#### Supplied information
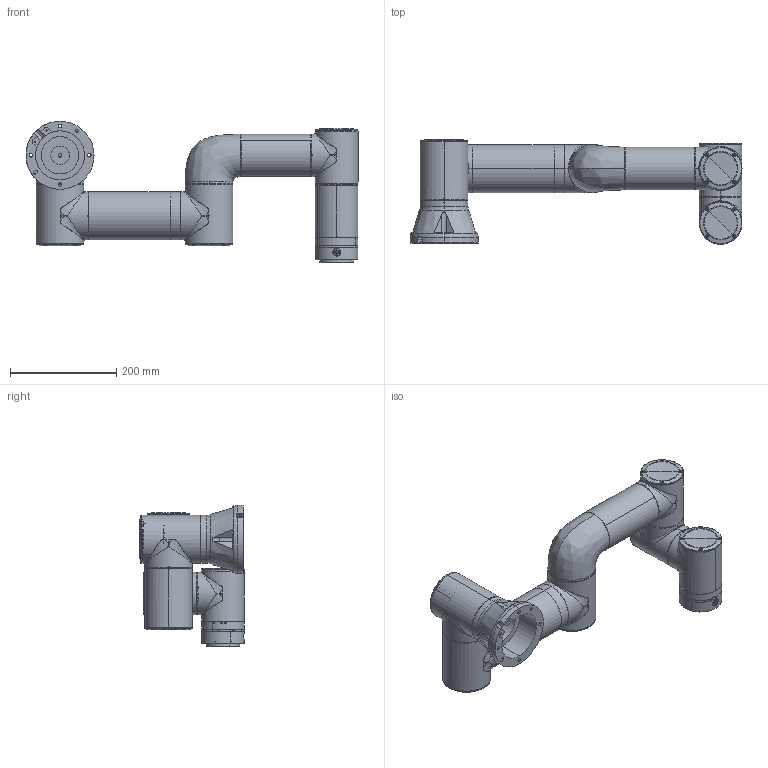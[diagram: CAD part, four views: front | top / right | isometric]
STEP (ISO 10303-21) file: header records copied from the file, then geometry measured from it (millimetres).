
FILE_DESCRIPTION (( 'STEP AP214' ), '1' );
FILE_NAME ('RD20-FR3-V6.0Èí¼þÄ£ÐÍ.STEP', '2023-03-21T09:38:43', ( '' ), ( '' ), 'SwSTEP 2.0', 'SolidWorks 2018', '' );
FILE_SCHEMA (( 'AUTOMOTIVE_DESIGN' ));
Length unit declared in the file: millimetre
Products named in the file (7): RD20-FR3-V6.0-1; RD20-FR3-V6.0-3; RD20-FR3-V6.0-2; RD20-FR3-V6.0-4; RD20-FR3-V6.0软件模型; RD20-FR3-V6.0-5; RD20-FR3-V6.0-7
Assembly tree (7 placements, depth 2):
  RD20-FR3-V6.0软件模型
    RD20-FR3-V6.0-1
    RD20-FR3-V6.0-2
    RD20-FR3-V6.0-3
    RD20-FR3-V6.0-4
    RD20-FR3-V6.0-5  x2
    RD20-FR3-V6.0-7
Bounding box: 624.01 x 195.99 x 266 mm (x, y, z)
Volume: 7039075.5 mm3; surface area: 572339.8 mm2
Topology: 22 solids, 58 shells, 3177 faces, 7475 edges, 4540 vertices
Faces by surface type: plane 956, bspline 766, cylinder 762, cone 546, sphere 85, torus 62
Entity records: 155972 total; most frequent: CARTESIAN_POINT 83053, ORIENTED_EDGE 13536, DIRECTION 11561, EDGE_CURVE 6768, AXIS2_PLACEMENT_3D 4572, VERTEX_POINT 4149, EDGE_LOOP 3133, ADVANCED_FACE 2902

#### Assignment
Above are the records; give them all again exactly, apart from the pictures.

#### Task result
[diagram: CAD part, four views: front | top / right | isometric]
STEP (ISO 10303-21) file: header records copied from the file, then geometry measured from it (millimetres).
FILE_DESCRIPTION (( 'STEP AP214' ), '1' );
FILE_NAME ('RD20-FR3-V6.0Èí¼þÄ£ÐÍ.STEP', '2023-03-21T09:38:43', ( '' ), ( '' ), 'SwSTEP 2.0', 'SolidWorks 2018', '' );
FILE_SCHEMA (( 'AUTOMOTIVE_DESIGN' ));
Length unit declared in the file: millimetre
Products named in the file (7): RD20-FR3-V6.0-1; RD20-FR3-V6.0-3; RD20-FR3-V6.0-2; RD20-FR3-V6.0-4; RD20-FR3-V6.0软件模型; RD20-FR3-V6.0-5; RD20-FR3-V6.0-7
Assembly tree (7 placements, depth 2):
  RD20-FR3-V6.0软件模型
    RD20-FR3-V6.0-1
    RD20-FR3-V6.0-2
    RD20-FR3-V6.0-3
    RD20-FR3-V6.0-4
    RD20-FR3-V6.0-5  x2
    RD20-FR3-V6.0-7
Bounding box: 624.01 x 195.99 x 266 mm (x, y, z)
Volume: 7039075.5 mm3; surface area: 572339.8 mm2
Topology: 22 solids, 58 shells, 3177 faces, 7475 edges, 4540 vertices
Faces by surface type: plane 956, bspline 766, cylinder 762, cone 546, sphere 85, torus 62
Entity records: 155972 total; most frequent: CARTESIAN_POINT 83053, ORIENTED_EDGE 13536, DIRECTION 11561, EDGE_CURVE 6768, AXIS2_PLACEMENT_3D 4572, VERTEX_POINT 4149, EDGE_LOOP 3133, ADVANCED_FACE 2902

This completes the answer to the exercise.